Capnocytophaga canimorsus (C. canimorsus) is a zoonotic pathogen transmitted by dogs and cats that can cause severe infections in humans. Antimicrobial susceptibility data remain limited, but increasing genomic evidence suggests that functional β-lactamase genes may be more widespread than previously recognized.

Methods

Three C. canimorsus isolates harboring class D β-lactamase genes were selected by genomic screening from a larger collection of the Global Capnocytophaga Consortium for detailed characterization: two isolates from human clinical infections from Sweden and New Zealand, and a commensal canine isolate from the Czech Republic.
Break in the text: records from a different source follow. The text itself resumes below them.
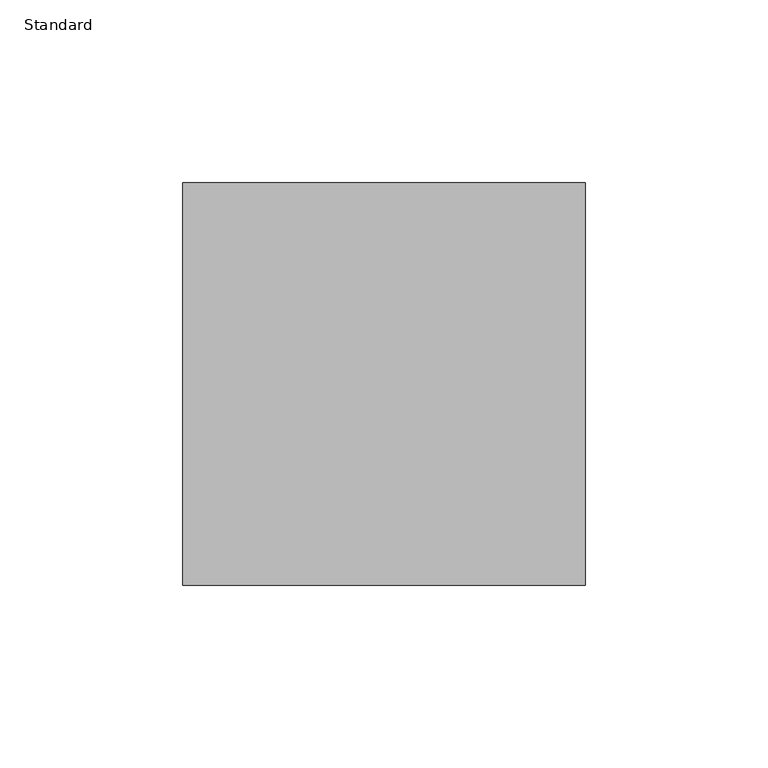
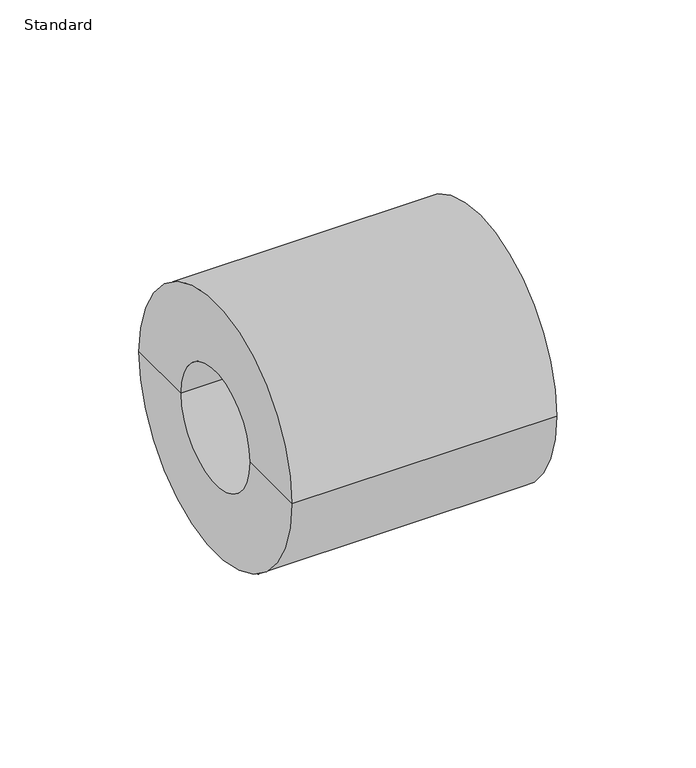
"""IFC4 building model written with IfcOpenShell, lengths in millimetres: pipe fitting geometry, Durapipe_PipeFitting_PVC_ReducingBush : Standard."""

from ifc_helpers import new_model, si_unit, frame, origin, place, context, project, spatial, polyline, circle_curve, source, transform, mapped, element, save
from ifc_brep_helpers import plane_surface, cylinder_surface, revolved_surface, advanced_brep


def standard_5060dffe(model_context):
    return source(origin(), model_context, "Body", "AdvancedBrep", [
        advanced_brep(
        [(-23.0, -25.0, 0.0), (-23.0, 25.0, 0.0), (-23.0, 55.0, 0.0), (-23.0, -55.0, 0.0), (0.0, -25.0, 0.0), (0.0, 25.0, 0.0), (0.0, -31.5, 0.0), (0.0, 31.5, 0.0), (87.0, -31.5, 0.0), (87.0, 31.5, 0.0), (87.0, -55.0, 0.0), (87.0, 55.0, 0.0)],
        [
            (0, 1, circle_curve(frame((-23.0, 0.0, 0.0), z_axis=(1.0, 0.0, 0.0), x_axis=(0.0, 1.0, 0.0)), 25.0)),
            (1, 2),
            (2, 3, circle_curve(frame((-23.0, 0.0, 0.0), z_axis=(-1.0, 0.0, 0.0), x_axis=(0.0, 1.0, 0.0)), 55.0)),
            (3, 0),
            (1, 0, circle_curve(frame((-23.0, 0.0, 0.0), z_axis=(1.0, 0.0, 0.0), x_axis=(0.0, 1.0, 0.0)), 25.0)),
            (3, 2, circle_curve(frame((-23.0, 0.0, 0.0), z_axis=(-1.0, 0.0, 0.0), x_axis=(0.0, 1.0, 0.0)), 55.0)),
            (4, 5, circle_curve(frame((0.0, 0.0, 0.0), z_axis=(1.0, 0.0, 0.0), x_axis=(0.0, 1.0, 0.0)), 25.0)),
            (5, 1),
            (0, 4),
            (5, 4, circle_curve(frame((0.0, 0.0, 0.0), z_axis=(1.0, 0.0, 0.0), x_axis=(0.0, 1.0, 0.0)), 25.0)),
            (6, 7, circle_curve(frame((0.0, 0.0, 0.0), z_axis=(1.0, 0.0, 0.0), x_axis=(0.0, 1.0, 0.0)), 31.5)),
            (7, 5),
            (4, 6),
            (7, 6, circle_curve(frame((0.0, 0.0, 0.0), z_axis=(1.0, 0.0, 0.0), x_axis=(0.0, 1.0, 0.0)), 31.5)),
            (8, 9, circle_curve(frame((87.0, 0.0, 0.0), z_axis=(1.0, 0.0, 0.0), x_axis=(0.0, 1.0, 0.0)), 31.5)),
            (9, 7),
            (6, 8),
            (9, 8, circle_curve(frame((87.0, 0.0, 0.0), z_axis=(1.0, 0.0, 0.0), x_axis=(0.0, 1.0, 0.0)), 31.5)),
            (10, 11, circle_curve(frame((87.0, 0.0, 0.0), z_axis=(1.0, 0.0, 0.0), x_axis=(0.0, 1.0, 0.0)), 55.0)),
            (11, 9),
            (8, 10),
            (11, 10, circle_curve(frame((87.0, 0.0, 0.0), z_axis=(1.0, 0.0, 0.0), x_axis=(0.0, 1.0, 0.0)), 55.0)),
            (2, 11),
            (10, 3),
        ],
        [
            plane_surface(frame((-23.0, 0.0, 0.0), z_axis=(-1.0, 0.0, 0.0), x_axis=(0.0, 1.0, 0.0))),
            revolved_surface(polyline([(-23.0, 25.0, 0.0), (0.0, 25.0, 0.0)]), (2073.0, 0.0, 0.0), (-1.0, 0.0, 0.0)),
            plane_surface(frame((0.0, 0.0, 0.0), z_axis=(1.0, 0.0, 0.0), x_axis=(0.0, 1.0, 0.0))),
            revolved_surface(polyline([(0.0, 31.5, 0.0), (87.0, 31.5, 0.0)]), (2073.0, 0.0, 0.0), (-1.0, 0.0, 0.0)),
            plane_surface(frame((87.0, 0.0, 0.0), z_axis=(1.0, 0.0, 0.0), x_axis=(0.0, 1.0, 0.0))),
            cylinder_surface(frame((2073.0, 0.0, 0.0), z_axis=(-1.0, 0.0, 0.0), x_axis=(0.0, 1.0, 0.0)), 55.0),
        ],
        [
            (0, [[1, 2, 3, 4]]),
            (0, [[5, -4, 6, -2]]),
            (1, [[7, 8, -1, 9]]),
            (1, [[10, -9, -5, -8]]),
            (2, [[11, 12, -7, 13]]),
            (2, [[14, -13, -10, -12]]),
            (3, [[15, 16, -11, 17]]),
            (3, [[18, -17, -14, -16]]),
            (4, [[19, 20, -15, 21]]),
            (4, [[22, -21, -18, -20]]),
            (5, [[-3, 23, -19, 24]]),
            (5, [[-6, -24, -22, -23]]),
        ],
    ),
    ])


if __name__ == "__main__":
    model = new_model("IFC4")
    model_context = context("Model", 3, world=origin())
    ifc_project = project(units=[si_unit("LENGTHUNIT", "METRE", prefix="MILLI")], contexts=[model_context])
    site = spatial("IfcSite", under=ifc_project)
    building = spatial("IfcBuilding", under=site)
    placement = place(None, origin())
    standard_shape = standard_5060dffe(model_context)
    element("IfcPipeFitting", 1, ObjectType="Durapipe_PipeFitting_PVC_ReducingBush : Standard", at=placement, inside=building, context=model_context, shape_type="MappedRepresentation", body=[
        mapped(standard_shape, transform((0.0, 0.0, 0.0), x_axis=(1.0, 0.0, 0.0), y_axis=(0.0, 1.0, 0.0), z_axis=(0.0, 0.0, 1.0))),
    ])
    save(model, "model.ifc")

We used hybrid Illumina-Nanopore genome assemblies, phylogenetic analysis, and structural modeling to characterize the genomic context and the predicted protein features of the β-lactamase genes. The functional impact of the β-lactamases on antibiotic activity was assessed by minimum inhibitory concentration (MIC) testing and confirmed through recombinant expression in the β-lactamase-negative reference strain C. canimorsus 5 (Cc5).

Results

We detected blaOXA-347 in a canine isolate and, for the first time, in a clinical C. canimorsus isolate from human infection. Additionally, we identified a previously uncharacterized allele, newly designated blaOXA-1422, in another clinical isolate. Both β-lactamases were chromosomally encoded without clear mobile genetic elements and were part of a distinct phylogenetic cluster within the OXA family. Structural modeling showed conserved class D β-lactamase architecture. Strains carrying either gene had elevated MICs for multiple β-lactams, and expression of each gene in Cc5 recapitulated these effects.

Conclusions

The identification and phenotypic characterization of OXA-type β-lactamases in clinical C. canimorsus isolates refine our understanding of β-lactamase diversity in this species and underscore the need for systematic investigations of β‑lactamase prevalence in this zoonotic pathogen.